Are there solutions? Yes!

1. To quote weightloss guru Susan Powter, “Stop the insanity.” Stop squandering the profession’s limited resources on questionable lawsuits.

2. Support legislative solutions that establish chiropractic as a profession separate and distinct from medicine, rather than a limited branch of medical practice.

3. Realize that litigation is not a substitute for building a solid base of subluxation/wellness research focusing on the benefits of chiropractic care for all persons, not just those who have a musculoskeletal pain syndrome.

The words of physiologist I.M. Korr, [5] seem appropriate. Even though not directed to chiropractors, they ring true:

“There are misapprehensions about the source of your strength.
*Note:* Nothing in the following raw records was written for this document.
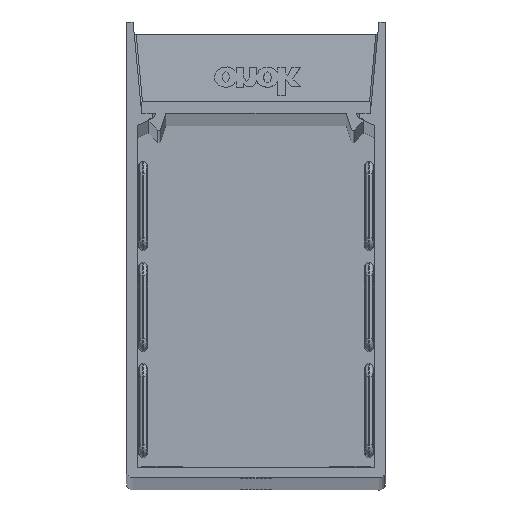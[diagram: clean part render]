
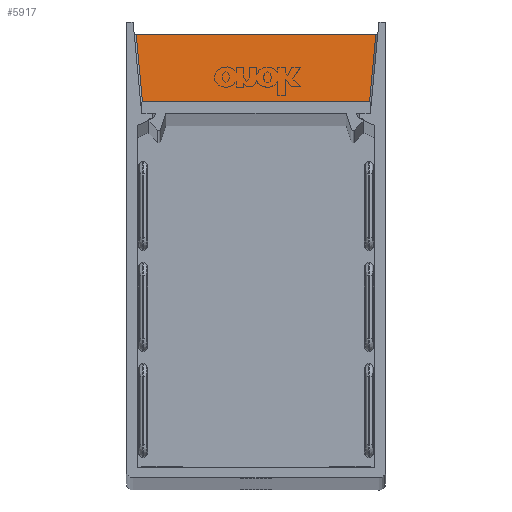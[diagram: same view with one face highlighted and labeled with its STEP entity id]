
A CAD part, top view. The second image highlights one B-rep face of the part: STEP entity #5917.
In plain terms, the highlighted planar face has unit normal (0, 0.093, 0.996) as drawn and (0, 0.093, -0.996) by its records, which use the part's own axes.
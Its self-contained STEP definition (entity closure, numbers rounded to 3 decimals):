
#308 = CARTESIAN_POINT ( 'NONE',  ( 19.652, 37.375, 1.4 ) ) ;
#905 = ORIENTED_EDGE ( 'NONE', *, *, #8471, .F. ) ;
#1007 = VERTEX_POINT ( 'NONE', #2242 ) ;
#1425 = CARTESIAN_POINT ( 'NONE',  ( 18.256, 22.421, 0.004 ) ) ;
#1934 = LINE ( 'NONE', #1425, #3383 ) ;
#2229 = VECTOR ( 'NONE', #5685, 1000. ) ;
#2242 = CARTESIAN_POINT ( 'NONE',  ( -19.652, 37.375, 1.4 ) ) ;
#2482 = CARTESIAN_POINT ( 'NONE',  ( 21.25, 37.375, 1.4 ) ) ;
#2583 = LINE ( 'NONE', #5214, #4429 ) ;
#2719 = EDGE_LOOP ( 'NONE', ( #905, #6731, #4726, #8761 ) ) ;
#2722 = AXIS2_PLACEMENT_3D ( 'NONE', #2482, #8609, #4590 ) ;
#2745 = DIRECTION ( 'NONE',  ( -0.093, 0.991, 0.093 ) ) ;
#2761 = VERTEX_POINT ( 'NONE', #308 ) ;
#2997 = EDGE_CURVE ( 'NONE', #5170, #1007, #5268, .T. ) ;
#3156 = DIRECTION ( 'NONE',  ( -1., 0., 0. ) ) ;
#3383 = VECTOR ( 'NONE', #4920, 1000. ) ;
#4429 = VECTOR ( 'NONE', #3156, 1000. ) ;
#4481 = FACE_OUTER_BOUND ( 'NONE', #2719, .T. ) ;
#4590 = DIRECTION ( 'NONE',  ( 1., 0., 0. ) ) ;
#4631 = CARTESIAN_POINT ( 'NONE',  ( -18.252, 22.375, 0. ) ) ;
#4726 = ORIENTED_EDGE ( 'NONE', *, *, #7364, .F. ) ;
#4920 = DIRECTION ( 'NONE',  ( -0.093, -0.991, -0.093 ) ) ;
#4941 = CARTESIAN_POINT ( 'NONE',  ( 18.252, 22.375, 0. ) ) ;
#5004 = CARTESIAN_POINT ( 'NONE',  ( 21.25, 22.375, 0. ) ) ;
#5039 = VECTOR ( 'NONE', #2745, 1000. ) ;
#5170 = VERTEX_POINT ( 'NONE', #4631 ) ;
#5214 = CARTESIAN_POINT ( 'NONE',  ( -21.25, 37.375, 1.4 ) ) ;
#5268 = LINE ( 'NONE', #7498, #5039 ) ;
#5685 = DIRECTION ( 'NONE',  ( 1., 0., 0. ) ) ;
#5916 = PLANE ( 'NONE',  #2722 ) ;
#5917 = ADVANCED_FACE ( 'NONE', ( #4481 ), #5916, .T. ) ;
#6565 = EDGE_CURVE ( 'NONE', #2761, #7763, #1934, .T. ) ;
#6731 = ORIENTED_EDGE ( 'NONE', *, *, #2997, .T. ) ;
#7364 = EDGE_CURVE ( 'NONE', #2761, #1007, #2583, .T. ) ;
#7498 = CARTESIAN_POINT ( 'NONE',  ( -19.656, 37.421, 1.404 ) ) ;
#7671 = LINE ( 'NONE', #5004, #2229 ) ;
#7763 = VERTEX_POINT ( 'NONE', #4941 ) ;
#8471 = EDGE_CURVE ( 'NONE', #5170, #7763, #7671, .T. ) ;
#8609 = DIRECTION ( 'NONE',  ( 0., 0.093, -0.996 ) ) ;
#8761 = ORIENTED_EDGE ( 'NONE', *, *, #6565, .T. ) ;

Your profession appears to believe that its strength is to be found more in the stamps of approval by selfappointed magistrates of medicine…As a result, you often acted as though you believed your strength is to be nurtured by mimicry, by cloaks of protective coloration, by compromise of principles, by organized compliance, by appeasement, and by adaptation to what is prescribed for you by organizations of another profession…Recent events loudly proclaim the futility of this approach.”

Let’s make a commitment to use our limited resources wisely.


1. A challenge and three myths.

2. American Chiropractic Association v. Trigon Healthcare, Inc., et al. Case No. 1:00CV00113.

3. American Chiropractic Association v. Tommy G. Thompson. Civil Action No. 982762.

4. ASHN News Release.

5. Korr IM: “The function of the osteopathic profession: a matter for decision.” Keynote address to 63rd annual convention of the American Osteopathic Association. July 13, 1959. Chicago, IL.